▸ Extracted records
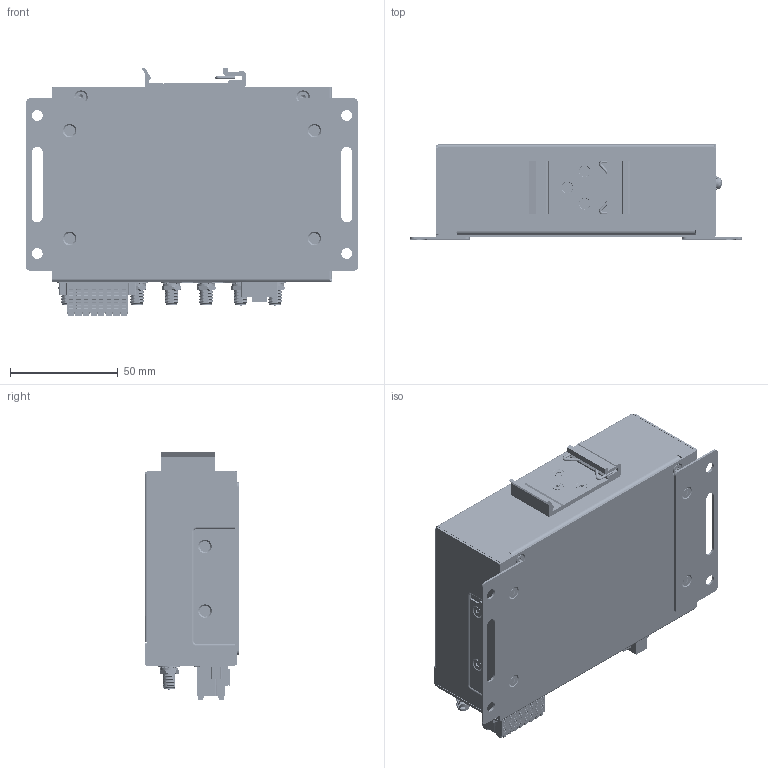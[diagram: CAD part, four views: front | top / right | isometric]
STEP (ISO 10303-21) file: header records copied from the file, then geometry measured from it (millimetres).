
FILE_DESCRIPTION (( 'STEP AP214' ), '1' );
FILE_NAME ('ICR-4271W.STEP', '2024-11-05T09:07:24', ( '' ), ( '' ), 'SwSTEP 2.0', 'SolidWorks 2024', '' );
FILE_SCHEMA (( 'AUTOMOTIVE_DESIGN' ));
Length unit declared in the file: millimetre
Products named in the file (51): SCR_BK_M3_L4_TX8_FL_SCR; SCR_ZC_M3_L10_PH_PW; PCI_Female_Connector_52P; chassisWallMount; SCR_BK_M3_L5_PH_FL_TW; PCB_ICR-4(1,2)xx; Label_42W2C4G1; DIN_25_AL; CON_WR2; CON-ICR28-16; WAS_ZC_2_SR; ThermalTape; SCR_ZC_M3_L6_PH_PW; Case_for_ICR-4(1,2)xx; Dip_Switch_2_positon; SIM_holder; Micro_SD_card_holder; Bottom_Base_for_ICR-4(1,2)xx; SCR_ZC_M3_L6_PH_PW_2; ICR-4271W; ChassisSimCover; Pin_header_6x2P; Battery_SMT_holder_Keystone-PN3000; POST_D4,5xL5; RJ45_2x_Connector; Tact_Switch_right_angle; USB_3_0_type_A; B-ICR41(2)xx-4_B-ICR42xxLS-4; SCR_ZC_M2_L5_PH_P_M2x5; FN990A28; PCI_Female_Connector_67P; AlluminiumCooler; Lightpipe_4P; Micro_SD_card_holder_part_1; Micro_SD_card_holder_part_2; ANT_PG_L200_R-SMA_UFL; CDS_M_H5_W7,3_CHM3; ChassisBottom; Pluggable_Term_Blk_2P; BAT_CR1225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
Assembly tree (74 placements, depth 5):
  ICR-4271W
    Chassis_package-ICR-4(1,2)xx
      Case_for_ICR-4(1,2)xx
        Bottom_Base_for_ICR-4(1,2)xx
          ChassisBottom
          CDS_M_H5_W7,3_CHM3  x4
        ChassisTop
      ChassisSimCover
      ThermalTape
      chassisWallMount  x2
      AlluminiumCooler
    B-ICR41(2)xx-4_B-ICR42xxLS-4
      PCB_ICR-4(1,2)xx
      PCI_Female_Connector_52P
      POST_D4,5xL5
      Battery_SMT_holder_Keystone-PN3000
      Lightpipe_4P  x2
      RJ45_2x_Connector
      USB_3_0_type_A
      IO_Header_16P
      POST_D6xL4
      PCI_Female_Connector_67P
      SIM_holder  x2
      Tact_Switch_right_angle
      Radial_THT_Capacitor
      Pluggable_Term_Blk_2P
      Micro_SD_card_holder
        Micro_SD_card_holder_part_1
        Micro_SD_card_holder_part_2
      Dip_Switch_2_positon
      Pin_header_6x2P
    CON_WR2
    CON-ICR28-16
    BAT_CR1225
    DIN_25_AL
    Label_SIM_SD_IO_configuration_SIM_IO
    Label_42W2C4G1
    Thermal_pad_46x30
    CoolingPadCellular  x2
    WPEQ-268AXI
    FN990A28
    ANT_PG_L200_R-SMA_UFL  x2
    ANT_PG_L150_SMA_I  x5
    SCR_BK_M3_L4_TX8_FL_SCR  x4
    SCR_BK_M3_L5_PH_FL_TW_GLUE  x7
    SCR_BK_M3_L5_PH_FL_TW  x2
    SCR_ZC_M3_L6_PH_PW_2
    SCR_ZC_M3_L10_PH_PW
    SCR_ZC_M3_L6_PH_PW  x3
    SCR_ZC_M2_L5_PH_P_M2x5
    WAS_ZC_2_SR
Bounding box: 153.9 x 44 x 115.39 mm (x, y, z)
Volume: 107942.4 mm3; surface area: 215319.5 mm2
Topology: 184 solids, 251 shells, 20021 faces, 54593 edges, 35748 vertices
Faces by surface type: plane 11005, cylinder 4247, bspline 3907, cone 539, torus 231, sphere 92
Entity records: 707155 total; most frequent: CARTESIAN_POINT 230655, ORIENTED_EDGE 94928, DIRECTION 73233, EDGE_CURVE 47661, VERTEX_POINT 31142, VECTOR 30263, LINE 30263, AXIS2_PLACEMENT_3D 21485

▸ Work to be completed
The answer must consist of every line from the data that holds the string "surface".

▸ Solution to this task
Volume: 107942.4 mm3; surface area: 215319.5 mm2
Faces by surface type: plane 11005, cylinder 4247, bspline 3907, cone 539, torus 231, sphere 92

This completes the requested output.